SOURCE RECORDS –
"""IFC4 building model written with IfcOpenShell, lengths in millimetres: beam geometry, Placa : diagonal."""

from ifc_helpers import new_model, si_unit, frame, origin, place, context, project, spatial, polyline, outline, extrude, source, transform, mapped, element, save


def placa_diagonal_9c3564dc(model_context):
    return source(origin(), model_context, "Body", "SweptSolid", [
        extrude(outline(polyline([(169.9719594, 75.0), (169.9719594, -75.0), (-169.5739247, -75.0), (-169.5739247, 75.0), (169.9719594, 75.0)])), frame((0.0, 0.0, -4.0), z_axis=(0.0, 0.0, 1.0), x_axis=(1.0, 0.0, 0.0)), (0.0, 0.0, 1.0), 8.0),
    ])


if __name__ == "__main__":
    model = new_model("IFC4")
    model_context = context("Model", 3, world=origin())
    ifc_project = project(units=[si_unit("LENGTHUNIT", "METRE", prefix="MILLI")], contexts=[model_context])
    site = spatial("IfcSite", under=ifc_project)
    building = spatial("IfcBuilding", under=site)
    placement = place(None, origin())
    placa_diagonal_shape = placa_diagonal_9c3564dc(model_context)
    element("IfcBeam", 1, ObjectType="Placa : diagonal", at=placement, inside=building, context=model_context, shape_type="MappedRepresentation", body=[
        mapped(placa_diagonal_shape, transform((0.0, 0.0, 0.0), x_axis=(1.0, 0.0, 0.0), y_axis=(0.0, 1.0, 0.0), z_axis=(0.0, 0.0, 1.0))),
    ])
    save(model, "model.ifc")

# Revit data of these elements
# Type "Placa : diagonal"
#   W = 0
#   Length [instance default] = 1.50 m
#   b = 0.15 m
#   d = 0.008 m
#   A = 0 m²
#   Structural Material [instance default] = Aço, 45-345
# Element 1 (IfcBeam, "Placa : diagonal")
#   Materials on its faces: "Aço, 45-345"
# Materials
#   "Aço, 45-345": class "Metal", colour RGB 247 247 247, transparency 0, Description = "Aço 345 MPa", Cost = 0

DIRECTIONS –
Word for word, quote the lines of the material from the first line through the line with "from ifc_helpers import", both ends included.

TASK RESULT –
"""IFC4 building model written with IfcOpenShell, lengths in millimetres: beam geometry, Placa : diagonal."""

from ifc_helpers import new_model, si_unit, frame, origin, place, context, project, spatial, polyline, outline, extrude, source, transform, mapped, element, save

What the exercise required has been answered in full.